# Basic Upgrade Question



## Luckydawg (Apr 1, 2004)

I have a 40 hour Series 2. I also have a couple of extra 60-80 gb drives (all Maxtor) laying around and ordered the bracket and fan kit from weaknees. If you could please give me your opinion on the following:

- 1- What Drive to Use: How important is the brand drive? Do I really need a Maxtor Quickview, or will my old Maxtors laying around work ok for a second added drive?. The first (factory drive) is probably 2 years old.

- 2- Drive Prep: I have 4 pcs in the house; all run windows xp; for some reason 3 are on NFTS and one is FAT32. Do I need to do anything to the drive I plan to add? If I do, I assume I want to use the FAT32 machine? I read somewhere that merely booting to an xp machine screws you. Frankly, I'd like to pitch the FAT32 box and use its C drive as my second Tivo drive. The weaknees online instructions deal more with swapping pre-formatted drives and I'm sure there's some prep I need to do. I know squat about linux, so would popping for instant cake be a good idea?

Thanks.


----------



## funtoupgrade (Mar 15, 2005)

No drive prep necessary when going to use in TiVo. The restore process takes care of that automatically and wipes drive clean before adding its stuff.

Quickview not necessary. You can use any drives you want.


----------



## Luckydawg (Apr 1, 2004)

Thanks.
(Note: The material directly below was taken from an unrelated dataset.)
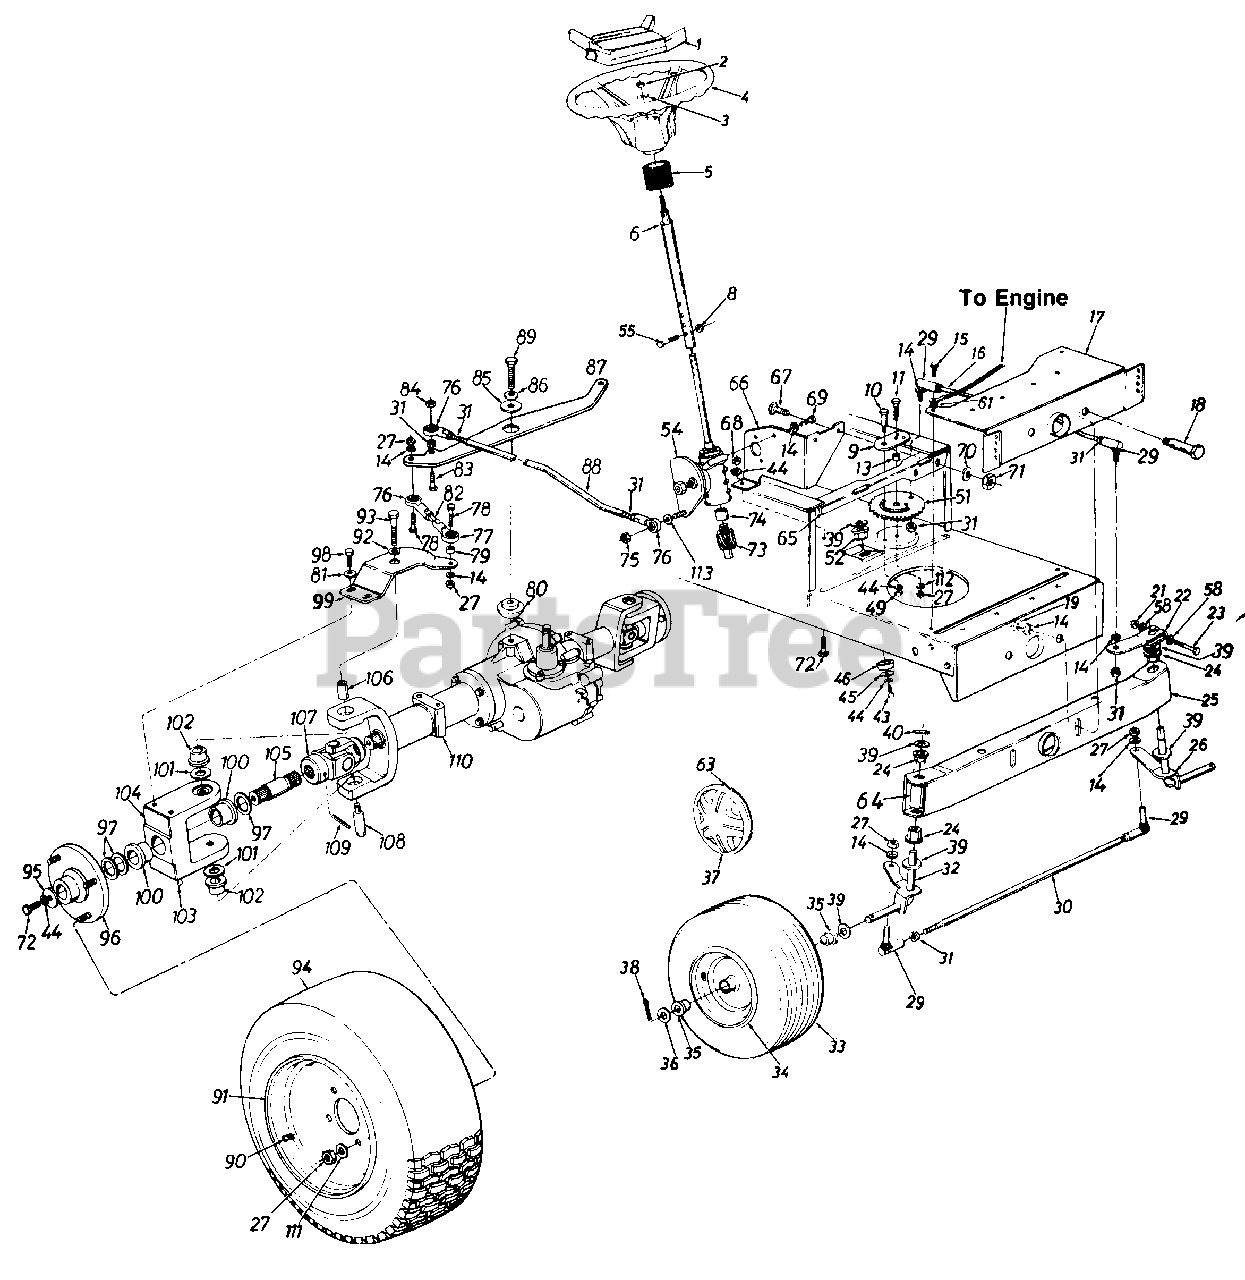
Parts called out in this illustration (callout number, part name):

Should I even bother formatting the old drive, or just add it as the second Tivo Drive?


----------



## funtoupgrade (Mar 15, 2005)

You don't need to format it, but you do need to connect up both Tivo drives to the computer per Hinsdale to get the drives working together.


----------



## ronsch (Sep 7, 2001)

Luckydawg said:


> I have a 40 hour Series 2. I also have a couple of extra 60-80 gb drives (all Maxtor) laying around and ordered the bracket and fan kit from weaknees. If you could please give me your opinion on the following:
> 
> - 1- What Drive to Use: How important is the brand drive? Do I really need a Maxtor Quickview, or will my old Maxtors laying around work ok for a second added drive?. The first (factory drive) is probably 2 years old.
> 
> ...


If you follow the Hinsdale instructions carefully you don't really need to know Linux. You want to use the FAT32 system so you will have a location to create a backup image. The Linux shells can't write to NTFS and you really need to save a copy of the image for when one of your drives fails. Yes, you could use Instacake, it's up to you.


----------



## Luckydawg (Apr 1, 2004)

ronsch said:


> If you follow the Hinsdale instructions carefully you don't really need to know Linux. You want to use the FAT32 system so you will have a location to create a backup image. The Linux shells can't write to NTFS and you really need to save a copy of the image for when one of your drives fails. Yes, you could use Instacake, it's up to you.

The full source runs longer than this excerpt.